House Ag Committee holds first hearing of the year to focus on “headwinds facing agriculture”
The House Ag Committee held its first hearing of the new session. Lawmakers and industry leaders discussed challenges facing American agriculture ahead of this year’s Farm Bill.
Representative Glenn GT Thompson started the hearing off.
“Our focus this morning will be on the headwinds facing production agriculture. Without a comprehensive understanding of the industry’s challenges. We cannot write an impactful Farm Bill that addresses the needs of those who grow, process and consume the food, fuel and fiber. We are blessed to produce here in the United States. It is our mandate to fully understand these challenges and worked diligently without partisanship to ensure the passage of a strong farm bill that addresses the issues highlighted today.”
American Farm Bureau President, Zippy Duvall said farmers need to have defined rules that impact their operations.
“The country that cannot feed its people is not secure. So the strong foreign policy that supports a strong food system truly is part of a smart national security strategy. Affordable, reliable, abundant energy is critical to the farmers and ranchers. Energy is necessary for all farm production, and we continue to ride a roller coaster ride of high energy and new input costs. Much uncertainty remains related to the ability of farmers and ranchers to access affordable supplies and deal with regulatory and weather related challenges. It becomes more and more important for farmers to have clarity on rules that impact their business and ability to operate. Growers need to have access to comprehensive risk management options.
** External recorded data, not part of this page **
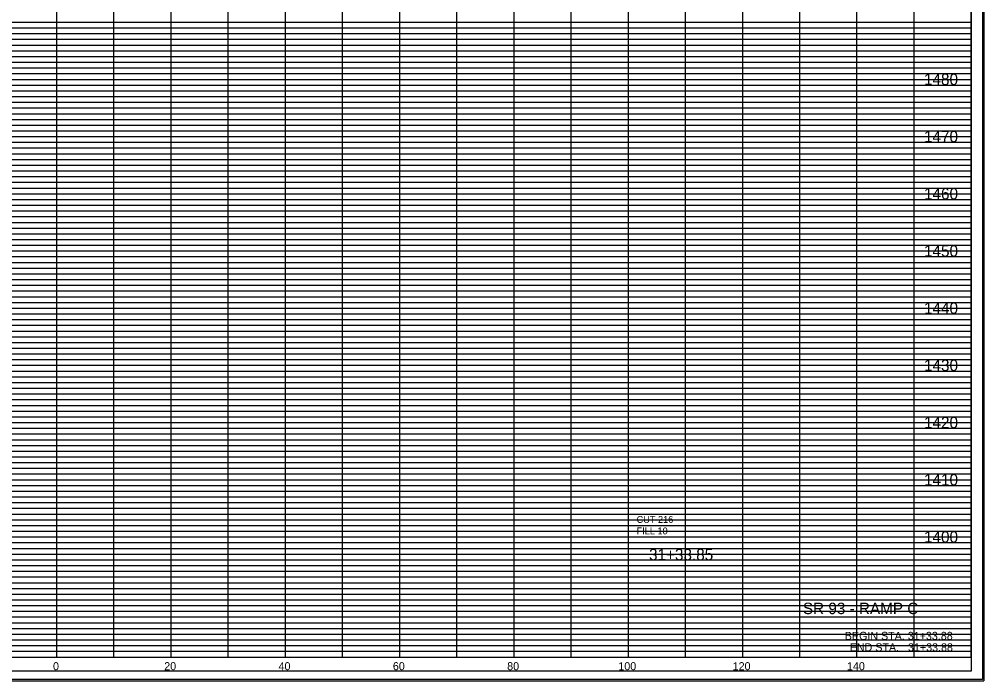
# Model space of a CAD drawing. Extents: x 980 to 2064, y 978 to 2267.
# Drawn here: x 1153.4 to 1322.2, y 1515.9 to 1631.5 of the extents above; entities that cross this region are included whole.
import ezdxf

# ---------------------------------------------------------------- set-up
doc = ezdxf.new("R2010")
doc.units = 0
for name, color, linetype in [('Default', 7, 'Continuous'), ('DESIGN - SHEET - Corner Text', 7, 'Continuous'), ('DESIGN - SHEET - Light Grid', 7, 'Continuous'), ('DESIGN - SHEET - Linework', 7, 'Continuous'), ('DESIGN - SHEET - Plot Shape', 7, 'Continuous'), ('DESIGN - TYPICAL - Text', 7, 'Continuous')]:
    doc.layers.add(name, color=color, linetype=linetype)

# ---------------------------------------------------------------- blocks, each defined once
blk = doc.blocks.new('XSTSHT')
at = {"layer": 'DESIGN - SHEET - Light Grid'}
for p, q in [((8, 11.1), (16, 11.1)), ((16, 11.1), (24, 11.1)), ((24, 11.1), (32, 11.1)), ((8, 10.9), (16, 10.9)), ((8, 10.8), (16, 10.8)), ((16, 10.9), (24, 10.9)), ((16, 10.8), (24, 10.8)), ((24, 10.9), (32, 10.9)), ((24, 10.8), (32, 10.8)), ((8, 10.7), (16, 10.7)), ((16, 10.7), (24, 10.7)), ((24, 10.7), (32, 10.7)), ((8, 10.6), (16, 10.6)), ((8, 10.5), (16, 10.5)), ((16, 10.6), (24, 10.6)), ((16, 10.5), (24, 10.5)), ((24, 10.6), (32, 10.6)), ((24, 10.5), (32, 10.5)), ((8, 10.4), (16, 10.4)), ((8, 10.3), (16, 10.3)), ((16, 10.4), (24, 10.4)), ((16, 10.3), (24, 10.3)), ((24, 10.4), (32, 10.4)), ((24, 10.3), (32, 10.3)), ((8, 10.2), (16, 10.2)), ((16, 10.2), (24, 10.2)), ((24, 10.2), (32, 10.2)), ((8, 10.1), (16, 10.1)), ((16, 10.1), (24, 10.1)), ((24, 10.1), (32, 10.1)), ((8, 9.9), (16, 9.9)), ((8, 9.8), (16, 9.8)), ((16, 9.9), (24, 9.9)), ((16, 9.8), (24, 9.8)), ((24, 9.9), (32, 9.9)), ((24, 9.8), (32, 9.8)), ((8, 9.7), (16, 9.7)), ((16, 9.7), (24, 9.7)), ((24, 9.7), (32, 9.7)), ((8, 9.6), (16, 9.6)), ((8, 9.5), (16, 9.5)), ((16, 9.6), (24, 9.6)), ((16, 9.5), (24, 9.5)), ((24, 9.6), (32, 9.6)), ((24, 9.5), (32, 9.5)), ((8, 9.4), (16, 9.4)), ((8, 9.3), (16, 9.3)), ((16, 9.4), (24, 9.4)), ((16, 9.3), (24, 9.3)), ((24, 9.4), (32, 9.4)), ((24, 9.3), (32, 9.3)), ((8, 9.2), (16, 9.2)), ((16, 9.2), (24, 9.2)), ((24, 9.2), (32, 9.2)), ((8, 9.1), (16, 9.1)), ((16, 9.1), (24, 9.1)), ((24, 9.1), (32, 9.1)), ((8, 8.9), (16, 8.9)), ((8, 8.8), (16, 8.8)), ((16, 8.9), (24, 8.9)), ((16, 8.8), (24, 8.8)), ((24, 8.9), (32, 8.9)), ((24, 8.8), (32, 8.8)), ((8, 8.7), (16, 8.7)), ((16, 8.7), (24, 8.7)), ((24, 8.7), (32, 8.7)), ((8, 8.6), (16, 8.6)), ((8, 8.5), (16, 8.5)), ((16, 8.6), (24, 8.6)), ((16, 8.5), (24, 8.5)), ((24, 8.6), (32, 8.6)), ((24, 8.5), (32, 8.5)), ((8, 8.4), (16, 8.4)), ((8, 8.3), (16, 8.3)), ((16, 8.4), (24, 8.4)), ((16, 8.3), (24, 8.3)), ((24, 8.4), (32, 8.4)), ((24, 8.3), (32, 8.3)), ((8, 8.2), (16, 8.2)), ((8, 8.1), (16, 8.1)), ((16, 8.2), (24, 8.2)), ((16, 8.1), (24, 8.1)), ((24, 8.2), (32, 8.2)), ((24, 8.1), (32, 8.1)), ((8, 7.9), (16, 7.9)), ((8, 7.8), (16, 7.8)), ((16, 7.9), (24, 7.9)), ((16, 7.8), (24, 7.8)), ((24, 7.9), (32, 7.9)), ((24, 7.8), (32, 7.8)), ((8, 7.7), (16, 7.7)), ((8, 7.6), (16, 7.6)), ((16, 7.7), (24, 7.7)), ((16, 7.6), (24, 7.6)), ((24, 7.7), (32, 7.7)), ((24, 7.6), (32, 7.6)), ((8, 7.5), (16, 7.5)), ((16, 7.5), (24, 7.5)), ((24, 7.5), (32, 7.5)), ((8, 7.4), (16, 7.4)), ((8, 7.3), (16, 7.3)), ((16, 7.4), (24, 7.4)), ((16, 7.3), (24, 7.3)), ((24, 7.4), (32, 7.4)), ((24, 7.3), (32, 7.3)), ((8, 7.2), (16, 7.2)), ((8, 7.1), (16, 7.1)), ((16, 7.2), (24, 7.2)), ((16, 7.1), (24, 7.1)), ((24, 7.2), (32, 7.2)), ((24, 7.1), (32, 7.1)), ((8, 6.9), (16, 6.9)), ((8, 6.8), (16, 6.8)), ((16, 6.9), (24, 6.9)), ((16, 6.8), (24, 6.8)), ((24, 6.9), (32, 6.9)), ((24, 6.8), (32, 6.8)), ((8, 6.7), (16, 6.7)), ((8, 6.6), (16, 6.6)), ((16, 6.7), (24, 6.7)), ((16, 6.6), (24, 6.6)), ((24, 6.7), (32, 6.7)), ((24, 6.6), (32, 6.6)), ((8, 6.5), (16, 6.5)), ((16, 6.5), (24, 6.5)), ((24, 6.5), (32, 6.5)), ((8, 6.4), (16, 6.4)), ((8, 6.3), (16, 6.3)), ((16, 6.4), (24, 6.4)), ((16, 6.3), (24, 6.3)), ((24, 6.4), (32, 6.4)), ((24, 6.3), (32, 6.3)), ((8, 6.2), (16, 6.2)), ((8, 6.1), (16, 6.1)), ((16, 6.2), (24, 6.2)), ((16, 6.1), (24, 6.1)), ((24, 6.2), (32, 6.2)), ((24, 6.1), (32, 6.1)), ((8, 5.9), (16, 5.9)), ((8, 5.8), (16, 5.8)), ((16, 5.9), (24, 5.9)), ((16, 5.8), (24, 5.8)), ((24, 5.9), (32, 5.9)), ((24, 5.8), (32, 5.8)), ((8, 5.7), (16, 5.7)), ((8, 5.6), (16, 5.6)), ((16, 5.7), (24, 5.7)), ((16, 5.6), (24, 5.6)), ((24, 5.7), (32, 5.7)), ((24, 5.6), (32, 5.6)), ((8, 5.5), (16, 5.5)), ((8, 5.4), (16, 5.4)), ((16, 5.5), (24, 5.5)), ((16, 5.4), (24, 5.4)), ((24, 5.5), (32, 5.5)), ((24, 5.4), (32, 5.4)), ((8, 5.3), (16, 5.3)), ((16, 5.3), (24, 5.3)), ((24, 5.3), (32, 5.3)), ((8, 5.2), (16, 5.2)), ((8, 5.1), (16, 5.1)), ((16, 5.2), (24, 5.2)), ((16, 5.1), (24, 5.1)), ((24, 5.2), (32, 5.2)), ((24, 5.1), (32, 5.1)), ((8, 4.9), (16, 4.9)), ((16, 4.9), (24, 4.9)), ((24, 4.9), (32, 4.9)), ((8, 4.8), (16, 4.8)), ((16, 4.8), (24, 4.8)), ((24, 4.8), (32, 4.8)), ((8, 4.7), (16, 4.7)), ((8, 4.6), (16, 4.6)), ((16, 4.7), (24, 4.7)), ((16, 4.6), (24, 4.6)), ((24, 4.7), (32, 4.7)), ((24, 4.6), (32, 4.6)), ((8, 4.5), (16, 4.5)), ((8, 4.4), (16, 4.4)), ((16, 4.5), (24, 4.5)), ((16, 4.4), (24, 4.4)), ((24, 4.5), (32, 4.5)), ((24, 4.4), (32, 4.4)), ((8, 4.3), (16, 4.3)), ((16, 4.3), (24, 4.3)), ((24, 4.3), (32, 4.3)), ((8, 4.2), (16, 4.2)), ((8, 4.1), (16, 4.1)), ((16, 4.2), (24, 4.2)), ((16, 4.1), (24, 4.1)), ((24, 4.2), (32, 4.2)), ((24, 4.1), (32, 4.1)), ((8, 3.9), (16, 3.9)), ((16, 3.9), (24, 3.9)), ((24, 3.9), (32, 3.9)), ((8, 3.8), (16, 3.8)), ((16, 3.8), (24, 3.8)), ((24, 3.8), (32, 3.8)), ((8, 3.7), (16, 3.7)), ((8, 3.6), (16, 3.6)), ((16, 3.7), (24, 3.7)), ((16, 3.6), (24, 3.6)), ((24, 3.7), (32, 3.7)), ((24, 3.6), (32, 3.6)), ((8, 3.5), (16, 3.5)), ((8, 3.4), (16, 3.4)), ((16, 3.5), (24, 3.5)), ((16, 3.4), (24, 3.4)), ((24, 3.5), (32, 3.5)), ((24, 3.4), (32, 3.4)), ((8, 3.3), (16, 3.3)), ((16, 3.3), (24, 3.3)), ((24, 3.3), (32, 3.3)), ((8, 3.2), (16, 3.2)), ((8, 3.1), (16, 3.1)), ((16, 3.2), (24, 3.2)), ((16, 3.1), (24, 3.1)), ((24, 3.2), (32, 3.2)), ((24, 3.1), (32, 3.1)), ((8, 2.9), (16, 2.9)), ((16, 2.9), (24, 2.9)), ((24, 2.9), (32, 2.9)), ((8, 2.8), (16, 2.8)), ((8, 2.7), (16, 2.7)), ((16, 2.8), (24, 2.8)), ((16, 2.7), (24, 2.7)), ((24, 2.8), (32, 2.8)), ((24, 2.7), (32, 2.7)), ((8, 2.6), (16, 2.6)), ((16, 2.6), (24, 2.6)), ((24, 2.6), (32, 2.6)), ((8, 2.5), (16, 2.5)), ((8, 2.4), (16, 2.4)), ((16, 2.5), (24, 2.5)), ((16, 2.4), (24, 2.4)), ((24, 2.5), (32, 2.5)), ((24, 2.4), (32, 2.4)), ((8, 2.3), (16, 2.3)), ((8, 2.2), (16, 2.2)), ((16, 2.3), (24, 2.3)), ((16, 2.2), (24, 2.2)), ((24, 2.3), (32, 2.3)), ((24, 2.2), (32, 2.2)), ((8, 2.1), (16, 2.1)), ((16, 2.1), (24, 2.1)), ((24, 2.1), (32, 2.1)), ((8, 1.9), (16, 1.9)), ((16, 1.9), (24, 1.9)), ((24, 1.9), (32, 1.9)), ((8, 1.8), (16, 1.8)), ((8, 1.7), (16, 1.7)), ((16, 1.8), (24, 1.8)), ((16, 1.7), (24, 1.7)), ((24, 1.8), (32, 1.8)), ((24, 1.7), (32, 1.7)), ((8, 1.6), (16, 1.6)), ((16, 1.6), (24, 1.6)), ((24, 1.6), (32, 1.6)), ((8, 1.5), (16, 1.5)), ((8, 1.4), (16, 1.4)), ((16, 1.5), (24, 1.5)), ((16, 1.4), (24, 1.4)), ((24, 1.5), (32, 1.5)), ((24, 1.4), (32, 1.4)), ((8, 1.3), (16, 1.3)), ((8, 1.2), (16, 1.2)), ((16, 1.3), (24, 1.3)), ((16, 1.2), (24, 1.2)), ((24, 1.3), (32, 1.3)), ((24, 1.2), (32, 1.2)), ((8, 1.1), (16, 1.1)), ((16, 1.1), (24, 1.1)), ((24, 1.1), (32, 1.1)), ((8, 0.9), (16, 0.9)), ((16, 0.9), (24, 0.9)), ((24, 0.9), (32, 0.9)), ((8, 0.8), (16, 0.8)), ((8, 0.7), (16, 0.7)), ((16, 0.8), (24, 0.8)), ((16, 0.7), (24, 0.7)), ((24, 0.8), (32, 0.8)), ((24, 0.7), (32, 0.7)), ((8, 0.6), (16, 0.6)), ((16, 0.6), (24, 0.6)), ((24, 0.6), (32, 0.6)), ((8, 0.5), (16, 0.5)), ((8, 0.4), (16, 0.4)), ((16, 0.5), (24, 0.5)), ((16, 0.4), (24, 0.4)), ((24, 0.5), (32, 0.5)), ((24, 0.4), (32, 0.4)), ((8, 0.3), (16, 0.3)), ((8, 0.2), (16, 0.2)), ((16, 0.3), (24, 0.3)), ((16, 0.2), (24, 0.2)), ((24, 0.3), (32, 0.3)), ((24, 0.2), (32, 0.2)), ((8, 0.1), (16, 0.1)), ((16, 0.1), (24, 0.1)), ((24, 0.1), (32, 0.1))]:
    blk.add_line(p, q, dxfattribs=at)
at = {"layer": 'DESIGN - SHEET - Linework'}
for p, q in [((32.217, 21.414), (32.217, -0.414)), ((16, 0), (16, 21)), ((17, 0), (17, 21)), ((18, 0), (18, 21)), ((19, 0), (19, 21)), ((20, 0), (20, 21)), ((21, 0), (21, 21)), ((22, 0), (22, 21)), ((23, 0), (23, 21)), ((24, 0), (24, 21)), ((25, 0), (25, 21)), ((26, 0), (26, 21)), ((27, 0), (27, 21)), ((28, 0), (28, 20)), ((29, 0), (29, 20)), ((30, 0), (30, 20)), ((31, 0), (31, 20)), ((0, 11), (32, 11)), ((0, 10), (32, 10)), ((0, 9), (32, 9)), ((0, 8), (32, 8)), ((0, 7), (32, 7)), ((0, 6), (32, 6)), ((0, 5), (32, 5)), ((0, 4), (32, 4)), ((0, 3), (32, 3)), ((0, 2), (32, 2)), ((0, 1), (32, 1)), ((-1.823, -0.414), (32.217, -0.414))]:
    blk.add_line(p, q, dxfattribs=at)
blk.add_lwpolyline([(0, 21), (0, 0), (32, 0), (32, 21), (0, 21)], dxfattribs=at)
at = {"layer": 'DESIGN - SHEET - Plot Shape'}
for points in [[(-1.803, 21.394), (32.197, 21.394), (32.197, -0.394), (-1.803, -0.394)], [(-0.85, 21), (32, 21), (32, -0.25), (-0.85, -0.25)]]:
    blk.add_lwpolyline(points, close=True, dxfattribs=at)

msp = doc.modelspace()

# ---------------------------------------------------------------- block references
at = {"layer": 'Default', "xscale": 10, "yscale": 10}
msp.add_blockref('XSTSHT', (1000, 1520), dxfattribs=at)

# ---------------------------------------------------------------- texts
at = {"layer": 'Default'}
for s, height, p in [('     1480     ', 2, (1308.01, 1620)), ('     1470     ', 2, (1308.01, 1610)), ('     1460     ', 2, (1308.01, 1600)), ('     1450     ', 2, (1308.01, 1590)), ('     1440     ', 2, (1308.01, 1580)), ('     1430     ', 2, (1308.01, 1570)), ('     1420     ', 2, (1308.01, 1560)), ('     1410     ', 2, (1308.01, 1550)), ('     1400     ', 2, (1308.01, 1540)), ('     31+33.85     ', 2, (1259.9, 1536.91)), ('     0     ', 1.4, (1156.74, 1517.7)), ('     0     ', 1.4, (1156.74, 1517.7)), ('     20     ', 1.4, (1176.2, 1517.7)), ('     40     ', 1.4, (1196.2, 1517.7)), ('     60     ', 1.4, (1216.2, 1517.7)), ('     80     ', 1.4, (1236.2, 1517.7)), ('     100     ', 1.4, (1255.65, 1517.7)), ('     120     ', 1.4, (1275.65, 1517.7)), ('     140     ', 1.4, (1295.65, 1517.7))]:
    msp.add_text(s, height=height, dxfattribs=at).set_placement(p)
at = {"layer": 'DESIGN - SHEET - Corner Text'}
for s, height, p in [('SR 93 - RAMP C', 2, (1290.53, 1527.5)), ('BEGIN STA. 31+33.88', 1.4, (1297.86, 1523)), ('END STA.   31+33.88', 1.4, (1298.73, 1521))]:
    msp.add_text(s, height=height, dxfattribs=at).set_placement(p)
at = {"layer": 'DESIGN - TYPICAL - Text'}
for s, p in [('CUT 216', (1261.44, 1543.45)), ('FILL 10', (1261.44, 1541.45))]:
    msp.add_text(s, height=1.2, dxfattribs=at).set_placement(p)

doc.saveas('drawing.dxf')

They deserve a resounding voice during formulation of vital legislation, such as the Farm Bill, and the Farm Bill is a critical tool that ensures our nation’s food supply remains secure.”
Peter Friedmann, Agriculture Transportation Coalition Executive Director touched on how transportation directly impacts agriculture.
“Federal and state policies can facilitate the flow of commerce, agriculture exports, or they can hinder it. Truck weights need to be increased. We have the lowest truck weight limits in the world in some of our states, and in California, it creates a barrier to agriculture exports, the lowest truck weight limits in the world, increasing congestion increasing delay and increasing emissions. We do need a resolution of the port long shore labor dispute and the contract negotiations on the West Coast that’s been going too long. And we’re hopeful and maybe our oversight from this committee will help because it’s causing a shift in transportation services from the west coast to the east and Gulf Coast.”
Lastly, The Fertilizer Institute President and CEO, Corey Rosenbusch, discussed the importance of fertilizer supplies.
“Fertilizer plants are capital intensive facilities, sometimes costing as much as $4 billion to build. Fertilizer demand is also driven by crop prices which we have seen reached record highs. Global grain stocks to use ratio ratios are the tightest they’ve been in eight years and it will likely take years to re-balance those. Logistics has been a huge issue for our industry - over 60% of all fertilizer moves by rail, and we’ve seen poor rail service that was compounded by low water levels in the Mississippi River reducing barge traffic and of course, trucking capacity issues as well. So if one wanted to bolster fertilizer supply for the American farmer, the most significant impact that you can have to mitigate our biggest risk is to provide regulatory certainty.”
There are just seven months left before the current Farm Bill expires at the end of September. Thompson says he plans to hold listening sessions in the coming weeks to continue gathering input from producers across the United States.